Task to complete:
The expected answer is the set of lines in the data below between the line holding "#361356 = VECTOR('',#361357,1.);" and the line holding "#361368 = EDGE_CURVE('',#361310,#361360,#361369,.T.);", inclusive, written out exactly.

Information given:
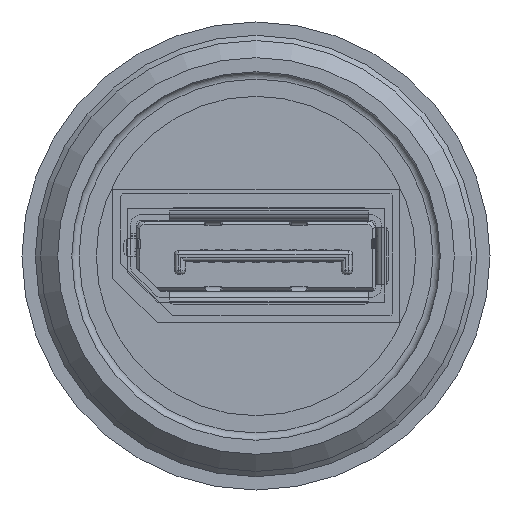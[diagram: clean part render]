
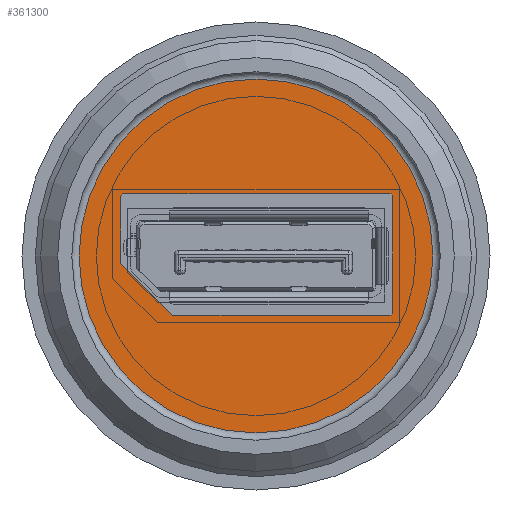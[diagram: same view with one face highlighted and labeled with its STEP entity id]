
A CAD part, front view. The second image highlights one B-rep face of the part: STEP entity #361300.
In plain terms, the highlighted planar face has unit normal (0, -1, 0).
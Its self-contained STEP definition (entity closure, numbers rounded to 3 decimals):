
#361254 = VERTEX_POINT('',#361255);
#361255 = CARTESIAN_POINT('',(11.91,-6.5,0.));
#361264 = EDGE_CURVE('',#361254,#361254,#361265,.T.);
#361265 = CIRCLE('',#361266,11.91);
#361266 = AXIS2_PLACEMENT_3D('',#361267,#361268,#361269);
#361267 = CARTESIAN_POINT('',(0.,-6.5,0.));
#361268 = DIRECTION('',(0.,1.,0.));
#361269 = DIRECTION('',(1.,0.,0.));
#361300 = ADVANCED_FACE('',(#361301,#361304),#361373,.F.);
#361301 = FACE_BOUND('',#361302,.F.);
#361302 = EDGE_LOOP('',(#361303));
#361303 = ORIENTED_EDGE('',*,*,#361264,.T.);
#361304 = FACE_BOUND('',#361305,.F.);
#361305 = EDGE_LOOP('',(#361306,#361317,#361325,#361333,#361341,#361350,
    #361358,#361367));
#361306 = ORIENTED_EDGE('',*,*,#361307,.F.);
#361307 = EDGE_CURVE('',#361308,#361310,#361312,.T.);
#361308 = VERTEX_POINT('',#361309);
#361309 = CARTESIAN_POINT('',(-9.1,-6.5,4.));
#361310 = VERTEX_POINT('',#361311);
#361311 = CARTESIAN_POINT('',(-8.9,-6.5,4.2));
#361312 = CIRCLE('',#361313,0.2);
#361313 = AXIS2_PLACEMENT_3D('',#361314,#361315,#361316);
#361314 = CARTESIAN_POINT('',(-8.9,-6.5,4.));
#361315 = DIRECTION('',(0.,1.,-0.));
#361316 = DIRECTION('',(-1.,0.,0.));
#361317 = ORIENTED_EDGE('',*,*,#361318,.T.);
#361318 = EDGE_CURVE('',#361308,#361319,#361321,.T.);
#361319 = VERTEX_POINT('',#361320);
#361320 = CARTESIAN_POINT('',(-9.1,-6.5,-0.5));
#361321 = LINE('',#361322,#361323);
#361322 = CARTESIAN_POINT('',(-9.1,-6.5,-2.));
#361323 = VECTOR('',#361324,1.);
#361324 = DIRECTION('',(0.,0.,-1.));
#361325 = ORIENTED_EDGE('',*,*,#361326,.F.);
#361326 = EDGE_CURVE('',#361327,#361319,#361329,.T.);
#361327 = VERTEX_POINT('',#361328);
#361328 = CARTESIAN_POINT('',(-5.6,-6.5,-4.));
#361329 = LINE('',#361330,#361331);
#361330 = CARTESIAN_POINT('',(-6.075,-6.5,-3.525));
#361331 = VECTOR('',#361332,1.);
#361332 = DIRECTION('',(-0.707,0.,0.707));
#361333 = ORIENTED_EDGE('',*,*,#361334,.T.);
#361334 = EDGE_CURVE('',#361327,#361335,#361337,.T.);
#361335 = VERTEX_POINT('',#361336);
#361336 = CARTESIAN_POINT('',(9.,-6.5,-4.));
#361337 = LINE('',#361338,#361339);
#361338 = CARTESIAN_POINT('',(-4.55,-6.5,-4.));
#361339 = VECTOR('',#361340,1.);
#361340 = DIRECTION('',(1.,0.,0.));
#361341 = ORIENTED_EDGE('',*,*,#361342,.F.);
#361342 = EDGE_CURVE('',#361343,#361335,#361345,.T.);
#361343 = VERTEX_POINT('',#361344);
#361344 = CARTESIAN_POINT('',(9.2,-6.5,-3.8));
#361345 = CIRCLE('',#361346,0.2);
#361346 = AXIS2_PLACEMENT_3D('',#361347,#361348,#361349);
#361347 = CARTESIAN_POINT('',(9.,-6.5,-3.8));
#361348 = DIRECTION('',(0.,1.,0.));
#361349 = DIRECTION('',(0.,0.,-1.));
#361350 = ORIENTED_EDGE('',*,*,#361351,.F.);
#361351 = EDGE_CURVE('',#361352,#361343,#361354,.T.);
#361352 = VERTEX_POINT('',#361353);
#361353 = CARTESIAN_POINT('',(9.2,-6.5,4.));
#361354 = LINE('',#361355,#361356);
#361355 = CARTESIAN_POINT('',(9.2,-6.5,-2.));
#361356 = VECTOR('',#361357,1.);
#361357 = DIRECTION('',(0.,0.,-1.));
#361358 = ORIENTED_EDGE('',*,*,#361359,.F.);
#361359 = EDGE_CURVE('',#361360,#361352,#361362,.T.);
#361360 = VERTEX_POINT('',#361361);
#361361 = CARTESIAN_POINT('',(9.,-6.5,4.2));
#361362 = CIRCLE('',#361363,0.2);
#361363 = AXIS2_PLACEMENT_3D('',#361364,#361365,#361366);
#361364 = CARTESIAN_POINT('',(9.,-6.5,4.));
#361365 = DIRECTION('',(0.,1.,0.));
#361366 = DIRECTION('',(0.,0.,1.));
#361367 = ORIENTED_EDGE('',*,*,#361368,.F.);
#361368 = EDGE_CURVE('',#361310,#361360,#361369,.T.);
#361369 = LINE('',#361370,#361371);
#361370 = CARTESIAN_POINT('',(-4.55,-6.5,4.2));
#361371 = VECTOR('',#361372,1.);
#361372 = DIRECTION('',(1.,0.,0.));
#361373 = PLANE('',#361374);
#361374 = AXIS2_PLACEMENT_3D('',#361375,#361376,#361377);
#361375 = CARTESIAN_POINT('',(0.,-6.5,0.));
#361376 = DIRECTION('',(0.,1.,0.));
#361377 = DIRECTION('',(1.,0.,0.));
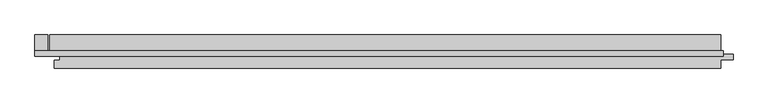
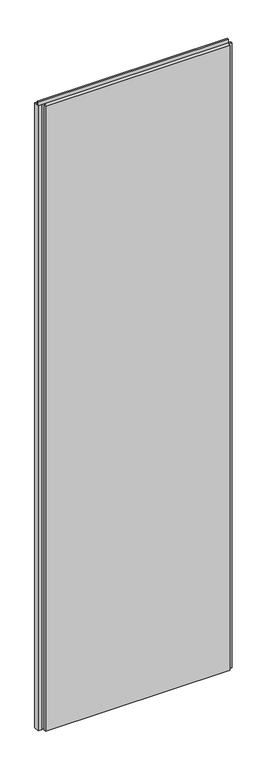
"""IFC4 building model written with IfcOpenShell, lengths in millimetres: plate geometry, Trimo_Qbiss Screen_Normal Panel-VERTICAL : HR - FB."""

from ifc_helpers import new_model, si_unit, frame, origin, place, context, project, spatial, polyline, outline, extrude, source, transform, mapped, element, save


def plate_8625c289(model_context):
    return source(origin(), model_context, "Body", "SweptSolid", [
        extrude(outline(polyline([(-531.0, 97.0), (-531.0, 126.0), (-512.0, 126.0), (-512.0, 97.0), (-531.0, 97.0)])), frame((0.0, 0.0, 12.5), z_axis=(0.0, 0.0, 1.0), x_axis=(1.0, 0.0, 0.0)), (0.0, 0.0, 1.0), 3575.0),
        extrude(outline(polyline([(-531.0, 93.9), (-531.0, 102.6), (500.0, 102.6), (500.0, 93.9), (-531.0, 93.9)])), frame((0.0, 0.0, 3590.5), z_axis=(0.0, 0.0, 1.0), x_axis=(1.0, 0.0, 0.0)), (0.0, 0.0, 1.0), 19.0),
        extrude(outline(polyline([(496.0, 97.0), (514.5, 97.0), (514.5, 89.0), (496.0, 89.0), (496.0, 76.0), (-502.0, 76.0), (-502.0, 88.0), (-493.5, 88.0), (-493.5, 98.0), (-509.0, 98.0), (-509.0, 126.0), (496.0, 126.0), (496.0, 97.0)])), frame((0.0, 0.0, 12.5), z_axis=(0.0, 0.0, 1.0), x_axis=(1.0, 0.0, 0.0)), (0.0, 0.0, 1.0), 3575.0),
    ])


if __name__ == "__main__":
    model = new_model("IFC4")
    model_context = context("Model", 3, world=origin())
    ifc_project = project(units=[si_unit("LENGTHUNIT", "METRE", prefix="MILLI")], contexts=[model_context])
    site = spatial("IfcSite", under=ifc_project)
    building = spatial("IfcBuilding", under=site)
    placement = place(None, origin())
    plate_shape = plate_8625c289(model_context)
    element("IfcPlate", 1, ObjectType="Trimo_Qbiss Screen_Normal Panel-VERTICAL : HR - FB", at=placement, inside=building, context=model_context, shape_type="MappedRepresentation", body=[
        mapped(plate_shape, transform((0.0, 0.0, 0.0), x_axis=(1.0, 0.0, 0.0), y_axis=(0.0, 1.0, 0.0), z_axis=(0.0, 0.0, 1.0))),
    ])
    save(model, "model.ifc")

Response:
#361356 = VECTOR('',#361357,1.);
#361357 = DIRECTION('',(0.,0.,-1.));
#361358 = ORIENTED_EDGE('',*,*,#361359,.F.);
#361359 = EDGE_CURVE('',#361360,#361352,#361362,.T.);
#361360 = VERTEX_POINT('',#361361);
#361361 = CARTESIAN_POINT('',(9.,-6.5,4.2));
#361362 = CIRCLE('',#361363,0.2);
#361363 = AXIS2_PLACEMENT_3D('',#361364,#361365,#361366);
#361364 = CARTESIAN_POINT('',(9.,-6.5,4.));
#361365 = DIRECTION('',(0.,1.,0.));
#361366 = DIRECTION('',(0.,0.,1.));
#361367 = ORIENTED_EDGE('',*,*,#361368,.F.);
#361368 = EDGE_CURVE('',#361310,#361360,#361369,.T.);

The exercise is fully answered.